Collected data entries
►

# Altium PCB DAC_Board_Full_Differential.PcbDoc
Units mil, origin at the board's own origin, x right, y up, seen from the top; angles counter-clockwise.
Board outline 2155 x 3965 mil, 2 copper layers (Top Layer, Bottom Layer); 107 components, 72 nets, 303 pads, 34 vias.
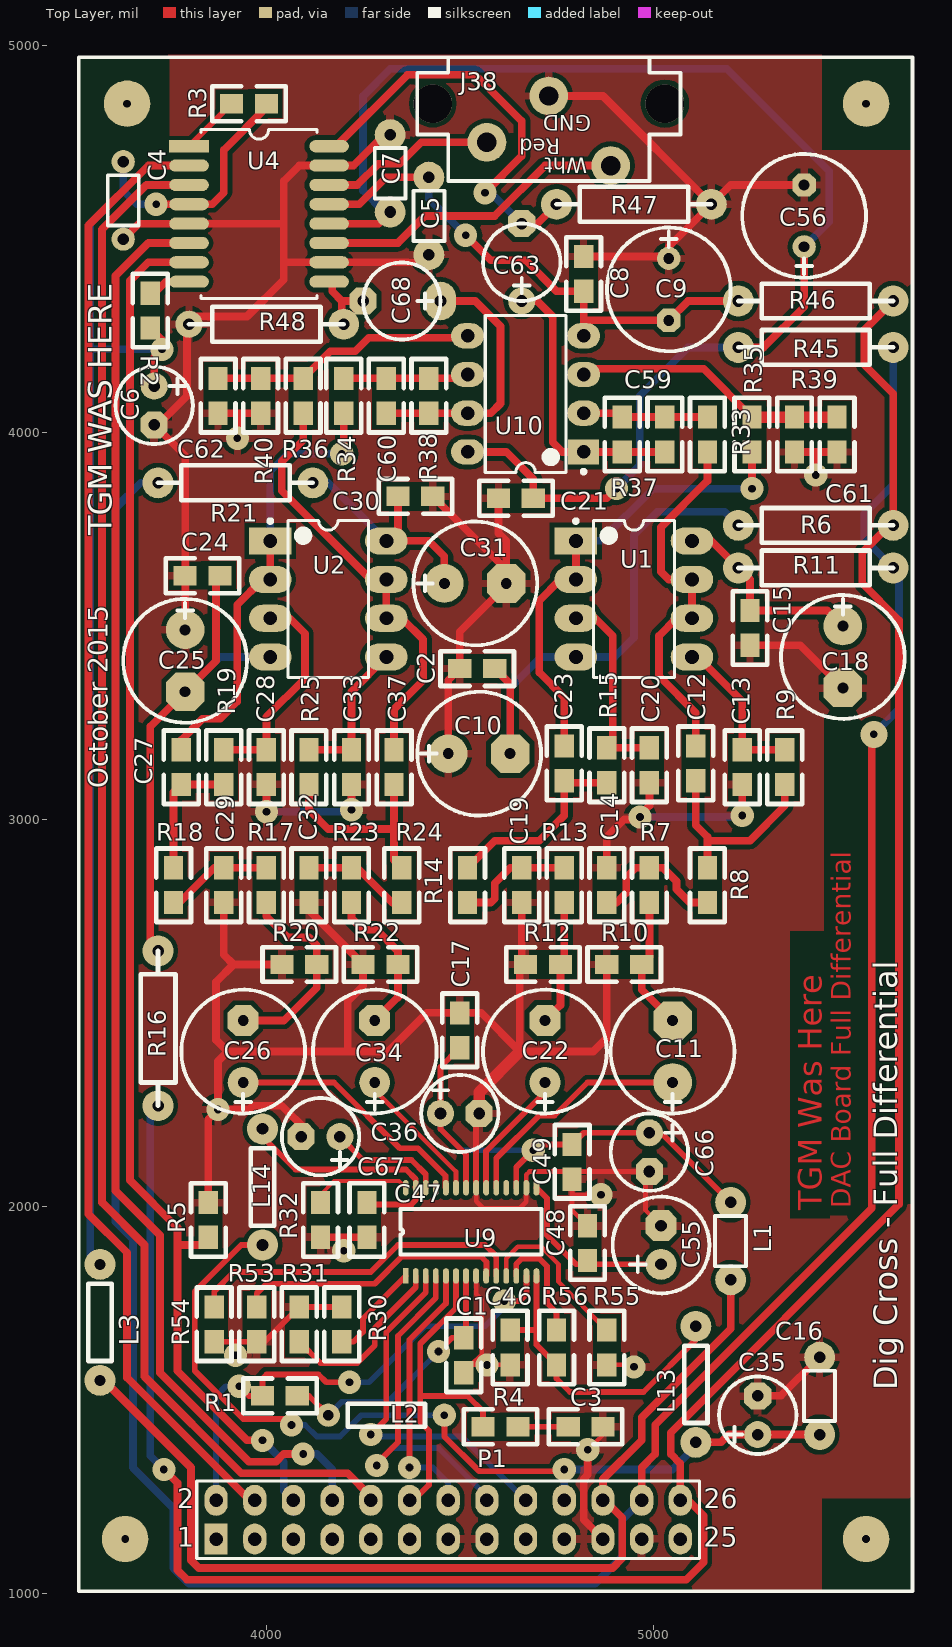
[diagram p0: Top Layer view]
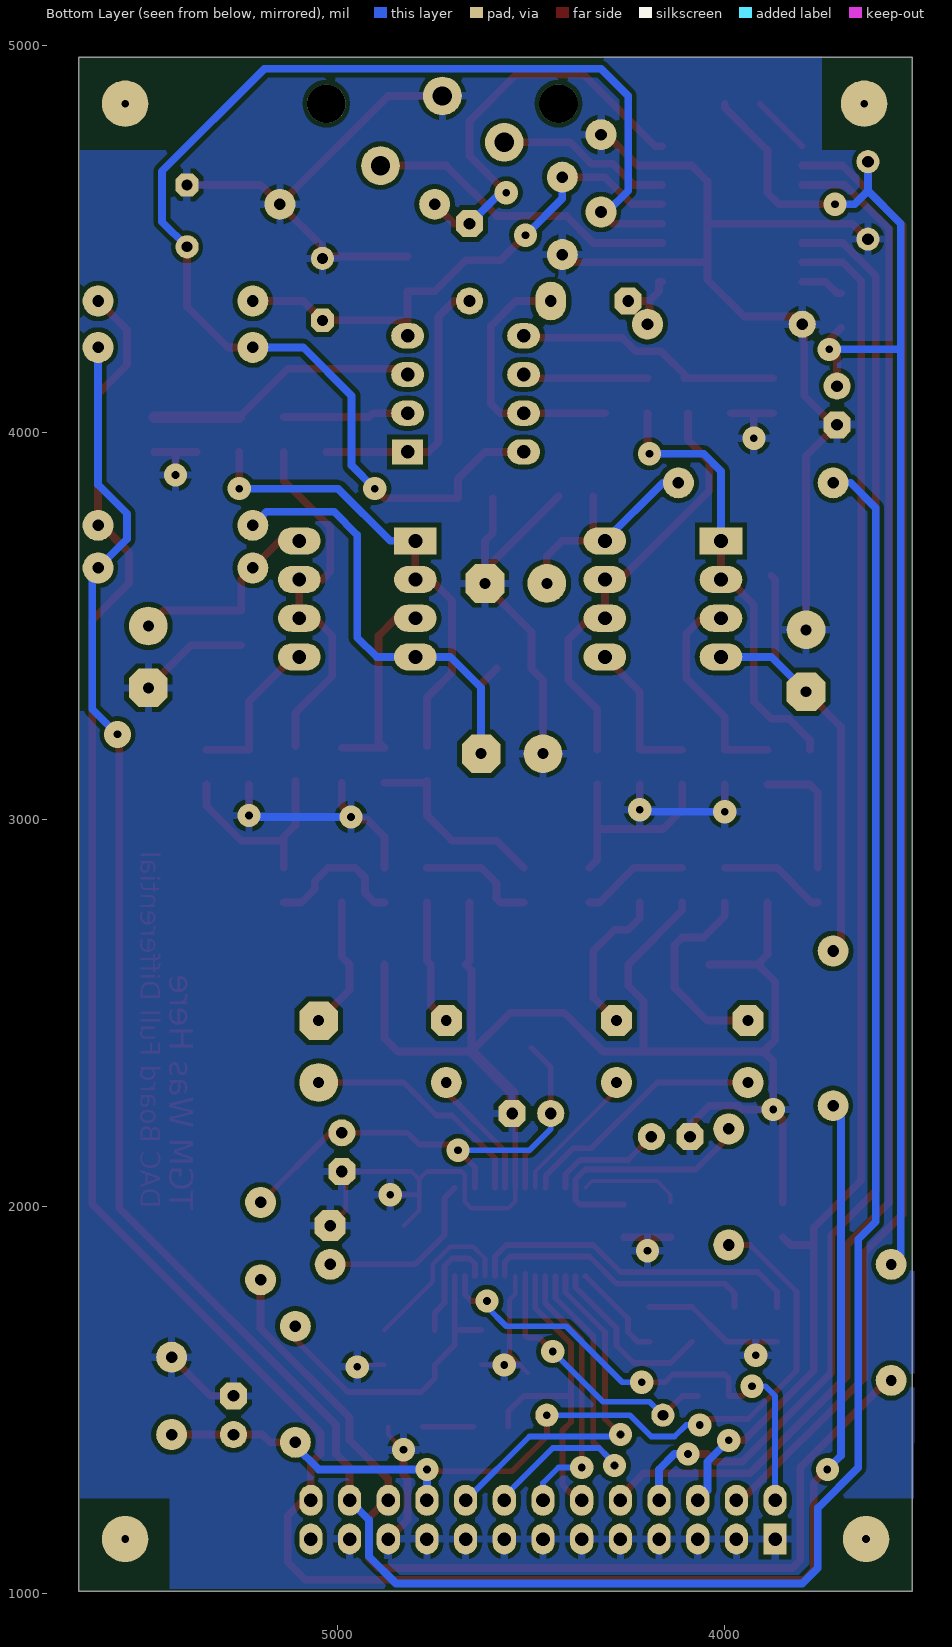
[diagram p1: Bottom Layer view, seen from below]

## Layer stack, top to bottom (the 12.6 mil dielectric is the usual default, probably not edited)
Top Layer: signal copper 1.4
Dielectric: core 12.6, FR-4, Dk 4.8
Bottom Layer: signal copper 1.4

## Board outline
3515,4970 5670,4970 5670,1005 3515,1005

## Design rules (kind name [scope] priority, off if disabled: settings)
Clearance Clearance_1 [(IsRegion)] p1: gap=12
Clearance [All] p2: gap=10
ComponentClearance [All] p1: gap=5 collisioncheckmode=3 verticalgap=10 showdistances=FALSE
HoleSize [All] p1: absolutevalues=TRUE maxlimit=255 minlimit=14 maxpercent=80.000 minpercent=20.000
MinimumSolderMaskSliver [All] p1: minsoldermaskwidth=5
PlaneConnect [All] p1: planeconnectstyle=Relief reliefexpansion=20 reliefentries=4 reliefconductorwidth=15 reliefairgap=10
PolygonConnect [All] p1: connectstyle=Relief reliefconductorwidth=20 reliefentries=4 polygonreliefangle="90 Angle"
RoutingVias [All] p1: holewidth=28 width=50 viastyle="Through Hole" minholewidth=28 minwidth=50 maxholewidth=28 maxwidth=50
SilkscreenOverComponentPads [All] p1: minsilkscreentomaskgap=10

◄

Assignment
Return every record exactly. Pictures stay out.

Reply
# Altium PCB DAC_Board_Full_Differential.PcbDoc
Units mil, origin at the board's own origin, x right, y up, seen from the top; angles counter-clockwise.
Board outline 2155 x 3965 mil, 2 copper layers (Top Layer, Bottom Layer); 107 components, 72 nets, 303 pads, 34 vias.
[diagram p0: Top Layer view]
[diagram p1: Bottom Layer view, seen from below]

## Layer stack, top to bottom (the 12.6 mil dielectric is the usual default, probably not edited)
Top Layer: signal copper 1.4
Dielectric: core 12.6, FR-4, Dk 4.8
Bottom Layer: signal copper 1.4

## Board outline
3515,4970 5670,4970 5670,1005 3515,1005

## Design rules (kind name [scope] priority, off if disabled: settings)
Clearance Clearance_1 [(IsRegion)] p1: gap=12
Clearance [All] p2: gap=10
ComponentClearance [All] p1: gap=5 collisioncheckmode=3 verticalgap=10 showdistances=FALSE
HoleSize [All] p1: absolutevalues=TRUE maxlimit=255 minlimit=14 maxpercent=80.000 minpercent=20.000
MinimumSolderMaskSliver [All] p1: minsoldermaskwidth=5
PlaneConnect [All] p1: planeconnectstyle=Relief reliefexpansion=20 reliefentries=4 reliefconductorwidth=15 reliefairgap=10
PolygonConnect [All] p1: connectstyle=Relief reliefconductorwidth=20 reliefentries=4 polygonreliefangle="90 Angle"
RoutingVias [All] p1: holewidth=28 width=50 viastyle="Through Hole" minholewidth=28 minwidth=50 maxholewidth=28 maxwidth=50
SilkscreenOverComponentPads [All] p1: minsilkscreentomaskgap=10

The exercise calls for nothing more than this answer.